*** Block opens ***

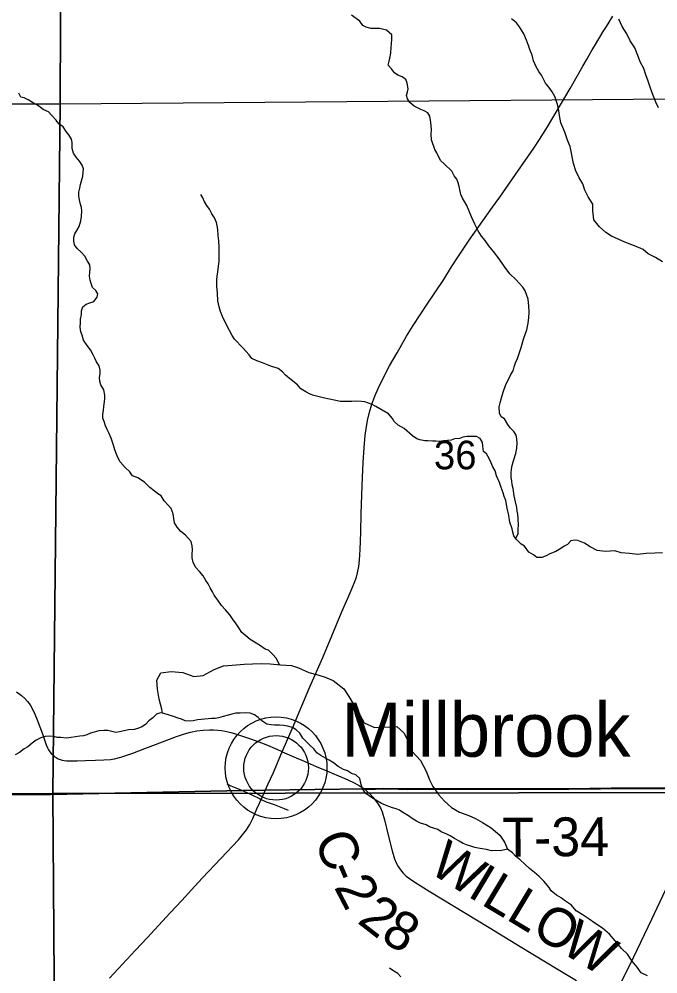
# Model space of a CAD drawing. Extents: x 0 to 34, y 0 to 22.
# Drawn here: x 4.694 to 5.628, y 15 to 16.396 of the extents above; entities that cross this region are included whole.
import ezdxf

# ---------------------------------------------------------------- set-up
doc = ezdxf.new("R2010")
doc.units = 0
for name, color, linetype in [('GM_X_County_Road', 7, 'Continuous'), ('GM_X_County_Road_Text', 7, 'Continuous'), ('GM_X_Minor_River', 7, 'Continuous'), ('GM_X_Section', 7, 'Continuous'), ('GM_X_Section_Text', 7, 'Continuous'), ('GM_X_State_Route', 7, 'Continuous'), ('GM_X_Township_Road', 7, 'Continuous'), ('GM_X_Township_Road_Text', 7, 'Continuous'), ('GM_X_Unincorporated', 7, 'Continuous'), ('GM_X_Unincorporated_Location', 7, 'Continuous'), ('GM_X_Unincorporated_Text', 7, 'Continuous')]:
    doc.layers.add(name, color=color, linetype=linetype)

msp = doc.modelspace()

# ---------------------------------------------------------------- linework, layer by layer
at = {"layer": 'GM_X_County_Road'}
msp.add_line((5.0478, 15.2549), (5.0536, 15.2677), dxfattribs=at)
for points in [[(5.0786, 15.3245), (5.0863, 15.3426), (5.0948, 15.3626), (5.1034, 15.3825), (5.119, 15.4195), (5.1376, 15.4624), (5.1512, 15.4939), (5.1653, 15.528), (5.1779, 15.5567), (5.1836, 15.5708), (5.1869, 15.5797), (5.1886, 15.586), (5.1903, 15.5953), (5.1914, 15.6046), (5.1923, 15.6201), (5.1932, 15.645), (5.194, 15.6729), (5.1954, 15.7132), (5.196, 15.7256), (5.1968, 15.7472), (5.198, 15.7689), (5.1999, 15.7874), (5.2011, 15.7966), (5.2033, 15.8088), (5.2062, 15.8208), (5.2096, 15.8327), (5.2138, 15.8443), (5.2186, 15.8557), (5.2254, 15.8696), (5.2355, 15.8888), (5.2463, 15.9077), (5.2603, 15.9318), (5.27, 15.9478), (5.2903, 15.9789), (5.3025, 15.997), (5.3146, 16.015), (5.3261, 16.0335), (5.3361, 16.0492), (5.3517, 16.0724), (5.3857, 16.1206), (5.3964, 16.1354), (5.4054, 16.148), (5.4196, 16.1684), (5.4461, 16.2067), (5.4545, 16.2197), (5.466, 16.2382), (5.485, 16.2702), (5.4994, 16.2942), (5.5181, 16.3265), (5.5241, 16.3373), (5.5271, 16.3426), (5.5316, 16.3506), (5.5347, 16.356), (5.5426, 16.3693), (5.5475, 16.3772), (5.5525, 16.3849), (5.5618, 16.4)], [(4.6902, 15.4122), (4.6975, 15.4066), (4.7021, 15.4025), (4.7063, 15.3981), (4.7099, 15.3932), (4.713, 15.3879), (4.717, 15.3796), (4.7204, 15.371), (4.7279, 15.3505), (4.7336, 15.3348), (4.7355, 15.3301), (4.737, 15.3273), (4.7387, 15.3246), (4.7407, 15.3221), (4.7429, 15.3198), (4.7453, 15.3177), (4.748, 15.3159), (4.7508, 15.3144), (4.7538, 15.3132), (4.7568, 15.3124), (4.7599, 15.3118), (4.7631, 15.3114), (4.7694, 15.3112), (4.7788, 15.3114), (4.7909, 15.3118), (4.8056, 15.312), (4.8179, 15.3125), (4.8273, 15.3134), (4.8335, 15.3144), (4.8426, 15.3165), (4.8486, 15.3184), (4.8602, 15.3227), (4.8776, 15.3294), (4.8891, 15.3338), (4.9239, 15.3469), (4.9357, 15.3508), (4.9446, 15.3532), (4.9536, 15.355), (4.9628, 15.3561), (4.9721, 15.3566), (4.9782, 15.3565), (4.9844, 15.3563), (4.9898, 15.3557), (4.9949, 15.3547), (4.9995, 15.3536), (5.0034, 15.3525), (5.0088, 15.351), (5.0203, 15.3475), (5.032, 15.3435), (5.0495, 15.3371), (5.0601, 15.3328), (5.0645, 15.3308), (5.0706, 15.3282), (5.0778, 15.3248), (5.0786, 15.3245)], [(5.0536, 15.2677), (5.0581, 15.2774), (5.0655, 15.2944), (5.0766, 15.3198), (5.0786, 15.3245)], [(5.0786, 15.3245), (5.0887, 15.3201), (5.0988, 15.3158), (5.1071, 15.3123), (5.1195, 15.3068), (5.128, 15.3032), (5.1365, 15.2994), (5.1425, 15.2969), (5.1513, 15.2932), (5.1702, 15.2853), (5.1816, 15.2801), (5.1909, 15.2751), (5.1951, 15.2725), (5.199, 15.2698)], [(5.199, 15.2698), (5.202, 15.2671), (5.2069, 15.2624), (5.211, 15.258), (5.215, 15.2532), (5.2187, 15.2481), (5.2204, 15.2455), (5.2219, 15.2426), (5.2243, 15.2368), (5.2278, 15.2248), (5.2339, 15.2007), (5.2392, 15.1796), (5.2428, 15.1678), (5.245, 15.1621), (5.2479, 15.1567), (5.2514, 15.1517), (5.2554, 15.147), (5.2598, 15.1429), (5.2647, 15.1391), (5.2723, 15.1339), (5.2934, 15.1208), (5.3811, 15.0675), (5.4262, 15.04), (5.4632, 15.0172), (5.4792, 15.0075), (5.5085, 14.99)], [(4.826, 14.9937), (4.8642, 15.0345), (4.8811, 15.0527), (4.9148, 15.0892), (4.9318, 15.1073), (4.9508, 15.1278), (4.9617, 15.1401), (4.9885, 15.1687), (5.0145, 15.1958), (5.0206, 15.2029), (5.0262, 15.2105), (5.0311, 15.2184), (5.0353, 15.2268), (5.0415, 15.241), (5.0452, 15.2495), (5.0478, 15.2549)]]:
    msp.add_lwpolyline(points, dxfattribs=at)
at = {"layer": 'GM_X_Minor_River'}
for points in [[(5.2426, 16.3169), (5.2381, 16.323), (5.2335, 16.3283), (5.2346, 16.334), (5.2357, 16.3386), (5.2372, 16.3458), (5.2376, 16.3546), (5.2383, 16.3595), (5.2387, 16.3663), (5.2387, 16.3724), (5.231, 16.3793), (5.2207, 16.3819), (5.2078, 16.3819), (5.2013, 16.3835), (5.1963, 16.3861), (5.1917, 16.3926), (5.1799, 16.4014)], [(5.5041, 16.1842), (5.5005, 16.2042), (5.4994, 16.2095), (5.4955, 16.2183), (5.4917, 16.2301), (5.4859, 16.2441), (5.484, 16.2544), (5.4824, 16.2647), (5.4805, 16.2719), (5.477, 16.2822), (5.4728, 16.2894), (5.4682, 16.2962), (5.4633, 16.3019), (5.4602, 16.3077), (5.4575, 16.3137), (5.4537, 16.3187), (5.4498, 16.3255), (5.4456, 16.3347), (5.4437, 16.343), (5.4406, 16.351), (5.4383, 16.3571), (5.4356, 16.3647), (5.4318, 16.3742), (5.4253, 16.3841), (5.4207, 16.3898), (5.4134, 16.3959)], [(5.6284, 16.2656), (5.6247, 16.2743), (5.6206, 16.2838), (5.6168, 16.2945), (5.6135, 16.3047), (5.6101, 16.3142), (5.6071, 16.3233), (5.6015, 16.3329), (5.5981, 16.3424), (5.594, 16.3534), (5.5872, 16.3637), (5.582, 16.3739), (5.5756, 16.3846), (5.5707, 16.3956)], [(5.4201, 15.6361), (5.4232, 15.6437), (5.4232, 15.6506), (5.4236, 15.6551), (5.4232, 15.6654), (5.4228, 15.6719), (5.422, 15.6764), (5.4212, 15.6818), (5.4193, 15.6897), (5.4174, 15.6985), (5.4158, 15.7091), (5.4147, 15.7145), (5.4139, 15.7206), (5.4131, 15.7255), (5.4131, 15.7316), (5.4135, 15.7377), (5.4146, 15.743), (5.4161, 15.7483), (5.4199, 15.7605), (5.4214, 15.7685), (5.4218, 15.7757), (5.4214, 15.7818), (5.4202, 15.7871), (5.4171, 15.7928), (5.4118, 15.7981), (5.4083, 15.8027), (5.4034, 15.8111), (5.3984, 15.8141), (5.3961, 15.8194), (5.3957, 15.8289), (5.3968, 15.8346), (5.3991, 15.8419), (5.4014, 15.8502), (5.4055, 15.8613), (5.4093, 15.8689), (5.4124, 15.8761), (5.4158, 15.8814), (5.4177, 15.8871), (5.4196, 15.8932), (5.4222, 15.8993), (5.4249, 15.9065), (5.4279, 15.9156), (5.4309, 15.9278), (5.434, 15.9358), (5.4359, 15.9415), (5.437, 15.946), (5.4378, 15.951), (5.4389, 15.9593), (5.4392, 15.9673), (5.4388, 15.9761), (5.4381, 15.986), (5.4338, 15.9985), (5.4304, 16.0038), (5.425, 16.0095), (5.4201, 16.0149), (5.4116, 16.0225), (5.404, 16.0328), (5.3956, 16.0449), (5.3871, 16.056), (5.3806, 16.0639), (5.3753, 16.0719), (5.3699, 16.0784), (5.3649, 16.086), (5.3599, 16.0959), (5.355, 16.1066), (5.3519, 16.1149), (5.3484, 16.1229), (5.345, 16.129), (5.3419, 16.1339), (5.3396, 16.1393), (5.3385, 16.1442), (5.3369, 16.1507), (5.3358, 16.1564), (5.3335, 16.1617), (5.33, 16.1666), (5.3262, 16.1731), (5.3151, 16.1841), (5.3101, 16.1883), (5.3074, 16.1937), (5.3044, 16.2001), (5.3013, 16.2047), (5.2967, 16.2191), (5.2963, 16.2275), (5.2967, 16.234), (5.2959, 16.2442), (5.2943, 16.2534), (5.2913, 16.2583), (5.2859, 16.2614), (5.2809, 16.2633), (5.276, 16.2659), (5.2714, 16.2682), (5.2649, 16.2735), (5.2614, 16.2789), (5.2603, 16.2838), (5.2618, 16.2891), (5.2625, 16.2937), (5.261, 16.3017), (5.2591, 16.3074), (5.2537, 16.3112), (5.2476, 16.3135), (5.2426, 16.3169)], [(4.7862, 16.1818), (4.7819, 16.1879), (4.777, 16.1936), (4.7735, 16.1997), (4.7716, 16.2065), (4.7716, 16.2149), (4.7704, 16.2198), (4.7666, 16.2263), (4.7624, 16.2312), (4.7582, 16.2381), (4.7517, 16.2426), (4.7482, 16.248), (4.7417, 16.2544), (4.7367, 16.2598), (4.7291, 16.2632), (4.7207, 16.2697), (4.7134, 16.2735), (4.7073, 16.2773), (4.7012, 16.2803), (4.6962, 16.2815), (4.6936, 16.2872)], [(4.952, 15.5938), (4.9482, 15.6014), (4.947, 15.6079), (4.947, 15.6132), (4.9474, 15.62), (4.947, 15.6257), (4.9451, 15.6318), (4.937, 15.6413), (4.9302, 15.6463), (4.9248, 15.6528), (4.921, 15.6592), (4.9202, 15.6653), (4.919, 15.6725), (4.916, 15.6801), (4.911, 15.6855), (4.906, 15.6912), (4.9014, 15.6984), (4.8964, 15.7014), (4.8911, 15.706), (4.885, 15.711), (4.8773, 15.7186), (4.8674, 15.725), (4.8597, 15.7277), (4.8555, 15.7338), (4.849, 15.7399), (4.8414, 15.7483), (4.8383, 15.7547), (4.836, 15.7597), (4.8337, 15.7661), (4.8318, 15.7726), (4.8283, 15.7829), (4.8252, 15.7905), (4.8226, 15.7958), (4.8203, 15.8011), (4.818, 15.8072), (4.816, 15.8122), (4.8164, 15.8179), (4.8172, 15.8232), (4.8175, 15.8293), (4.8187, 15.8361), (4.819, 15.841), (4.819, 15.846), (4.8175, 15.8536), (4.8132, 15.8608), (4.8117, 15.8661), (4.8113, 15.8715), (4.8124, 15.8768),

*** Block closes ***

▶ _WORK ITEM_:
Copy each line of the listing that holds the word "dxfattribs".

▶ _THE COMPLETED TASK_:
msp.add_line((5.0478, 15.2549), (5.0536, 15.2677), dxfattribs=at)
    msp.add_lwpolyline(points, dxfattribs=at)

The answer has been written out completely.